While the saga of the sailboat MetaComet provided interesting reading, my own experience of hopping aboard a "burro" powered cart pulled along the rails, dedicated to the United Fruit banana trade, taught me that as uncomfortable my ride to Panama might be, I, myself, was responsible for the reality of it and not to whimper about how it should have been or the horribleness of it.

I was, after all, employed in Costa Rica and a tourist traveling to Panama. The fact that the burro cart had neither toilet nor crew and trudged on for endless hours through impenetrable jungles and swamps , now called rain forests and wetlands, was an accepted fact. No one needed to warn me.

Wake up .... you are not in the courtroom any more! And, you obviously have no idea how difficult it is to do business in Central America and you are learning how challenging it is - just to survive!

xfiltrate Ride Hard, Ride Free

www.Xfiltrate.com - Professional Motorcycle Parking
Wow, I would love to hear more about what it was like to be in the Darien in the 1960's.

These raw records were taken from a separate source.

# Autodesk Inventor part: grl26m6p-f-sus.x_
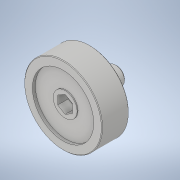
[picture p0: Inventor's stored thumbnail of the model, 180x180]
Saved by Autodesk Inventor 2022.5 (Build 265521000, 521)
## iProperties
Created: 2021-02
Part Number: grl26m6p-f-sus.x_
Material: 一般
Document SubType Name: Modeling
Designer: ImaoCorp
Density: 1 g/cm^3
Appearance: 既定
Sending System: SOLIDWORKS 2019-2019304
MC: AMD64
MC_MODEL: Intel64 Family 6 Model 60 Stepping 3, GenuineIntel
OS: Windows_NT
FRU: Parasolid Version 31.0, build 290,  9- 1-2019
FORMAT: text
GUISE: transmit
KEY: grl26m6p-f-sus
FILE: grl26m6p-f-sus.x_t
DATE: Mon Feb 22 15:02:30 2021
Author: ImaoCorp
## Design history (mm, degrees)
feature "Base1"
node "ソリッド1"
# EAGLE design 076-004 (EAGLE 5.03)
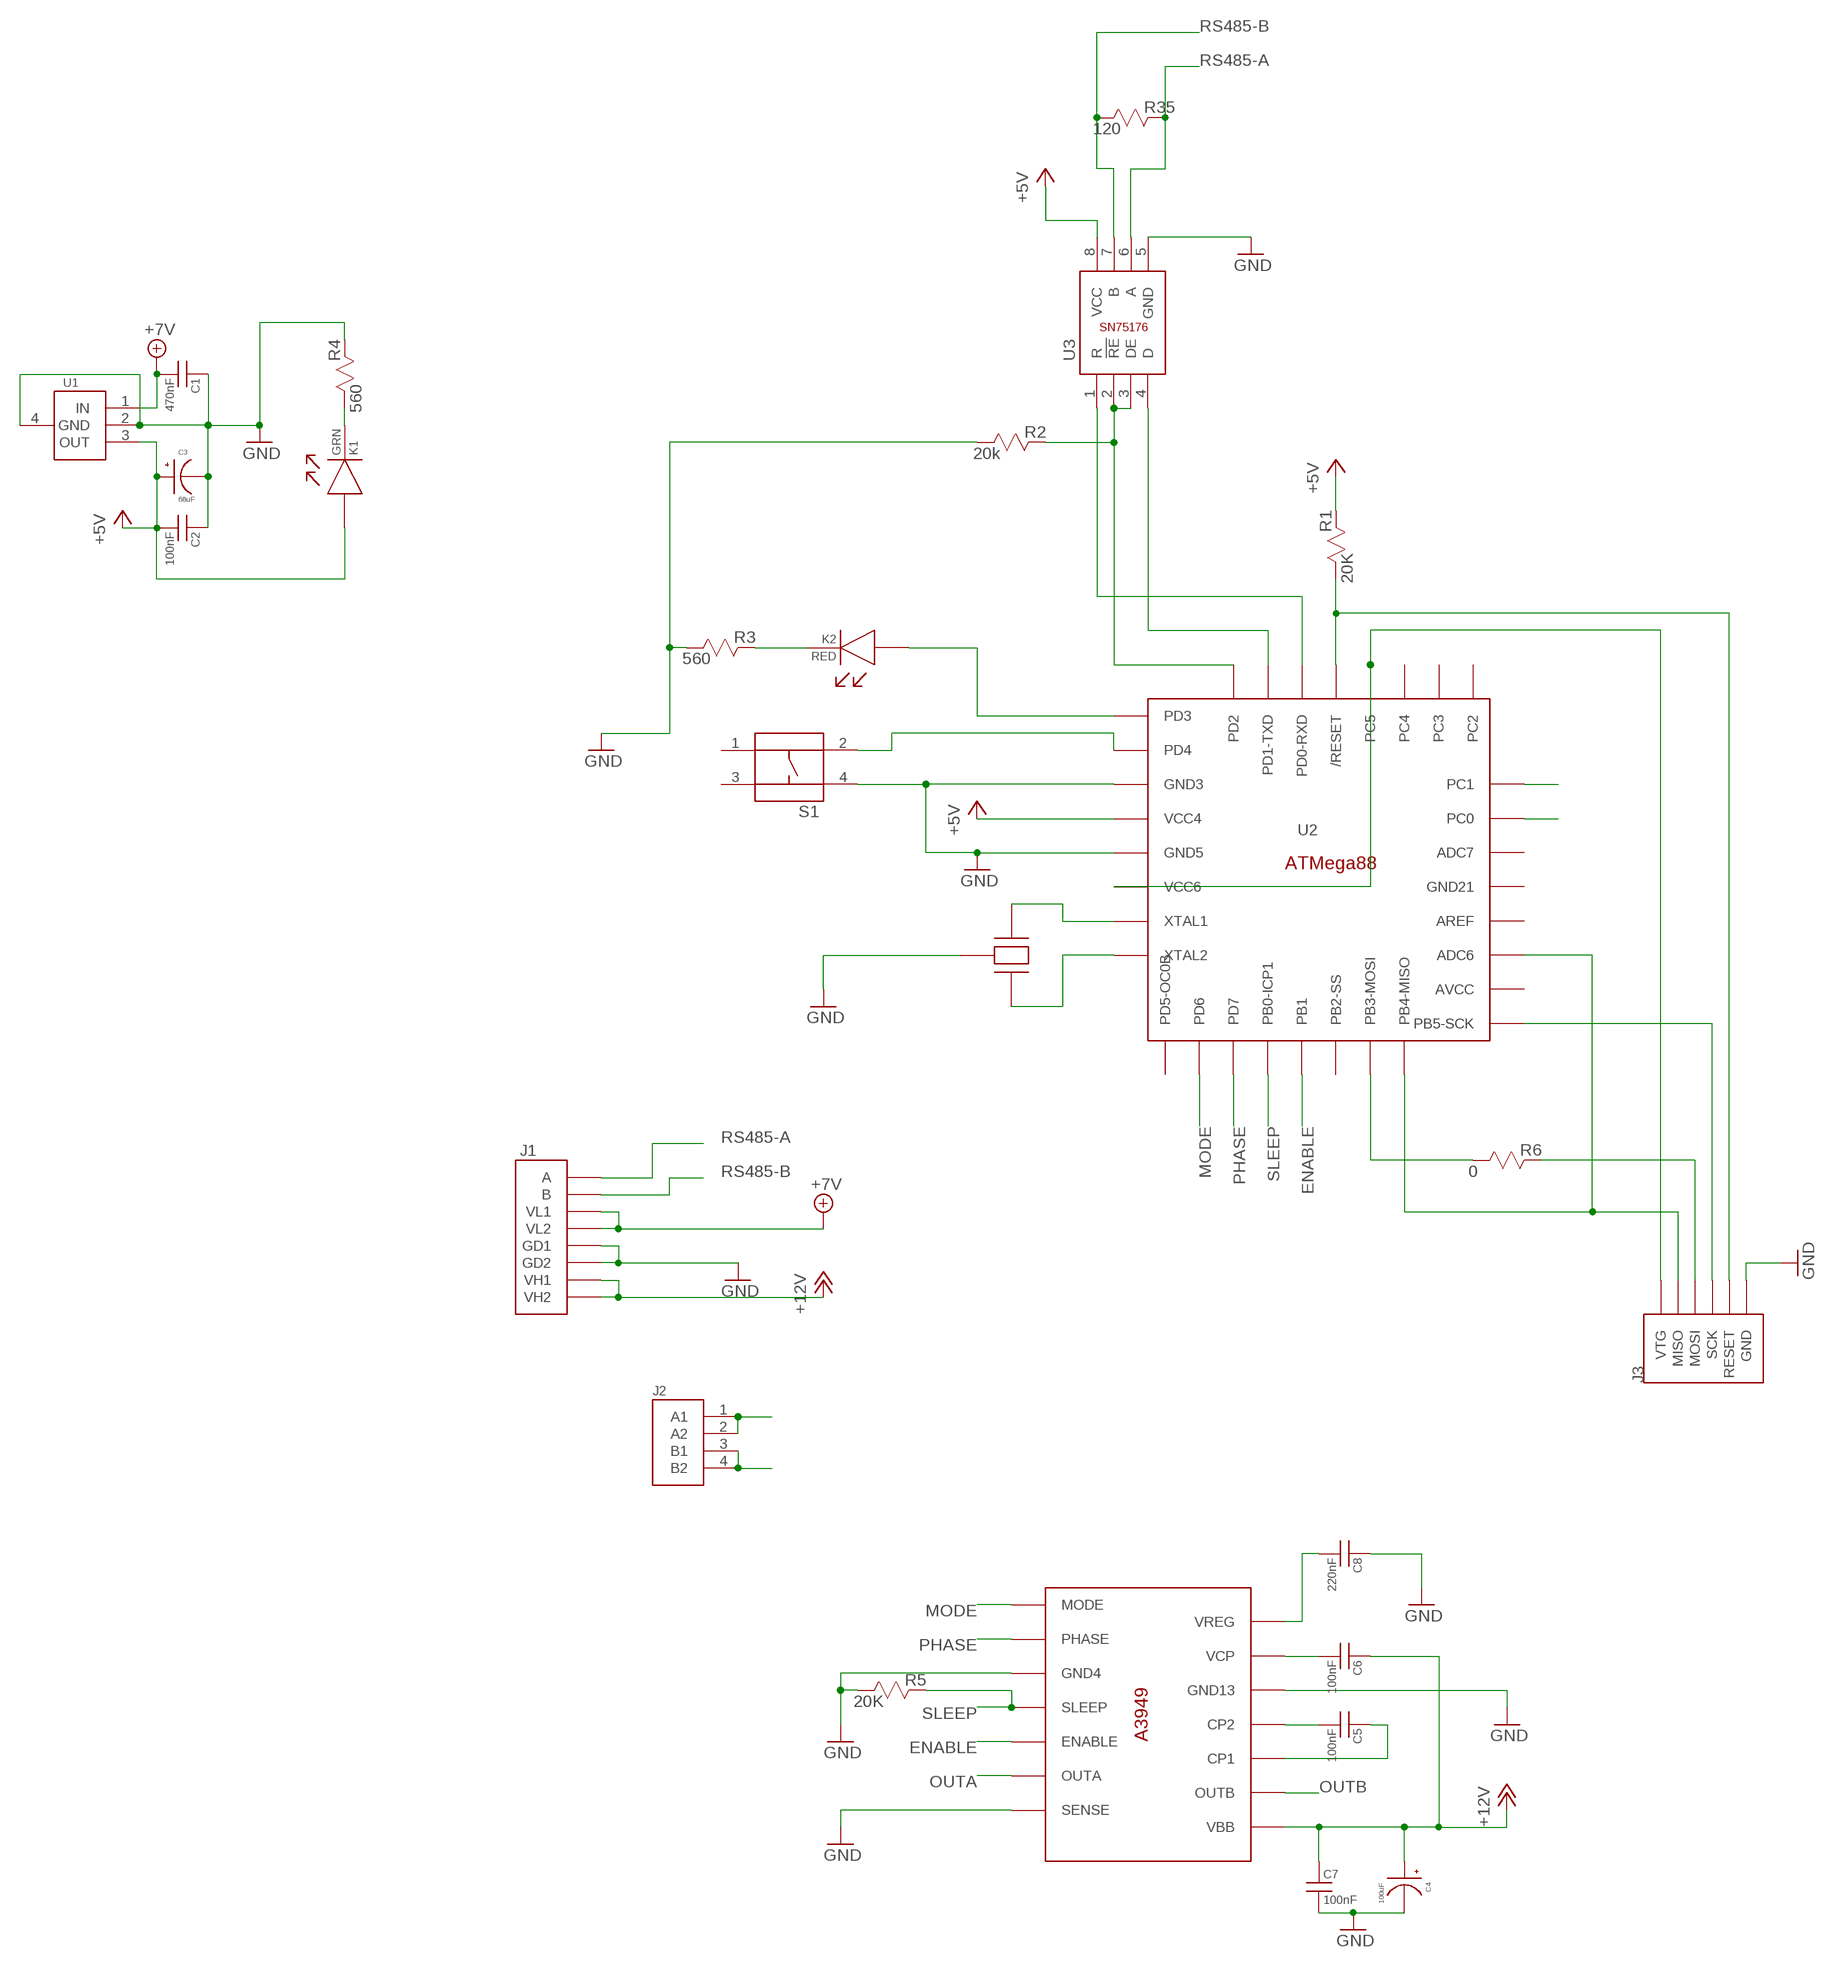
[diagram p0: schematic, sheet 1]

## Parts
C1  470nF  CAP_NONPOLARC1206  [C1206]
C2  100nF  CAP_NONPOLARC1206  [C1206]
C3  68uF  POLAR_CAPACITOR68UF  [ECAP-D8]
C4  100uF  POLAR_CAPACITOR100UF  [ECAP-F]
C5  100nF  CAP_NONPOLARC1206  [C1206]
C6  100nF  CAP_NONPOLARC1206  [C1206]
C7  100nF  CAP_NONPOLARC1206  [C1206]
C8  220nF  CAP_NONPOLARC1206  [C1206]
J1  IO_HEADER  [IO_HEADER]
J2  DC_MOTOR_HEADER  [2X2HEADER]
J3  ISP_HEADER  [ISP_HEADER]
K1  GRN  LED1206  [R1206]
K2  RED  LED1206  [R1206]
R1  20K  RESISTORR1206  [R1206]
R2  20k  RESISTORR1206  [R1206]
R3  560  RESISTORR1206  [R1206]
R4  560  RESISTORR1206  [R1206]
R5  20K  RESISTORR1206  [R1206]
R6  0  RESISTORR1206  [R1206]
R35  120  RESISTORR1206  [R1206]
S1  PUSHBUTTON-SMD  [PUSHBUTTON-SMD]
U1  5VREG  [SOT223]
U2  ATMEGA88PA  [TQFP32-08]
U3  SN75176A  [SO08]
U4  A3949  [SO-16DW]
X1  RESONATOR-SMD  [EFOBM]

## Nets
+5V: C2.2(M) C3.P K1.1(A) R1.2 U1.3(OUT) U2.4(VCC4) U3.8(VCC)
+7V: C1.2(M) J1.3(VL1) J1.4(VL2) U1.1(IN)
+12V: C4.P C6.1(P) C7.1(P) J1.7(VH1) J1.8(VH2) U4.9(VBB)
ENABLE: U2.13(PB1) U4.6(ENABLE)
GND: C1.1(P) C2.1(P) C3.N C4.N C7.2(M) C8.1(P) J1.5(GD1) J1.6(GD2) J3.4(GND) R2.1 R3.1 R4.2 R5.1 S1.4 U1.2(GND) U1.4(GND2) U2.3(GND3) U2.5(GND5) U3.5(GND) U4.4(GND4) U4.8(SENSE) U4.13(GND13) X1.2
MODE: U2.10(PD6) U4.2(MODE)
N$1: K1.2(C) R4.1
N$2: J3.3(RESET) R1.1 U2.29(/RESET)
N$3: U2.7(XTAL1) X1.1
N$4: U2.8(XTAL2) X1.3
N$5: J3.2(SCK) U2.17(PB5-SCK)
N$6: K2.2(C) R3.2
N$7: C8.2(M) U4.15(VREG)
N$8: C5.2(M) U4.12(CP2)
N$9: R2.2 U2.32(PD2) U3.2(!RE) U3.3(DE)
N$10: U2.30(PD0-RXD) U3.1(R)
N$11: U2.31(PD1-TXD) U3.4(D)
N$12: J3.6(VTG) U2.6(VCC6) U2.28(PC5)
N$13: S1.2 U2.2(PD4)
N$14: C5.1(P) U4.11(CP1)
N$15: J3.5(MOSI) R6.2
N$16: K2.1(A) U2.1(PD3)
N$17: C6.2(M) U4.14(VCP)
OUTA: J2.1(A1) J2.2(A2) U4.7(OUTA)
OUTB: J2.3(B1) J2.4(B2) U4.10(OUTB)
PHASE: U2.11(PD7) U4.3(PHASE)
RS485-A: J1.1(A) R35.2 U3.6(A)
RS485-B: J1.2(B) R35.1 U3.7(B)
SLEEP: R5.2 U2.12(PB0-ICP1) U4.5(SLEEP)
U1: J3.1(MISO) U2.16(PB4-MISO) U2.19(ADC6)
X_LED: U2.23(PC0)
Y_LED: U2.24(PC1)
Z_DIR: R6.1 U2.15(PB3-MOSI)
Unconnected: S1.1 S1.3 U2.9(PD5-OC0B) U2.14(PB2-SS) U2.18(AVCC) U2.20(AREF) U2.21(GND21) U2.22(ADC7) U2.25(PC2) U2.26(PC3) U2.27(PC4)

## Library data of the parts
C1 C2 C5-C8 = Routroller:CAP_NONPOLAR
C3 C4 = MtMM:POLAR_CAPACITOR
J1 = MtMM:IO_HEADER
J2 = MtMM:DC_MOTOR_HEADER
J3 = MtMM:ISP_HEADER
K1 K2 = MtMM:LED1206
R1-R6 R35 = Routroller:RESISTOR
S1 = MtMM:PUSHBUTTON-SMD
U1 = MtMM:5VREG
U2 = MtMM:ATMEGA88PA
U3 = Routroller:SN75176A
U4 = MtMM:A3949
X1 = im:RESONATOR-SMD

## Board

I think the greatest thing about the Hubb is the stories and advice that you can find out from fellow travelers.

I think one of the things that you are forgetting Xfiltrate is that most travelers on here do not have your background of experience in Latin America that you do. I find it very helpful when someone posts advice to help fellow travelers avoid a negative experience.

If you brow beat the members posting this advice then it creates a negative atmosphere. I would much rather read a realistic story then one where the guy never makes a mistake and does everything right.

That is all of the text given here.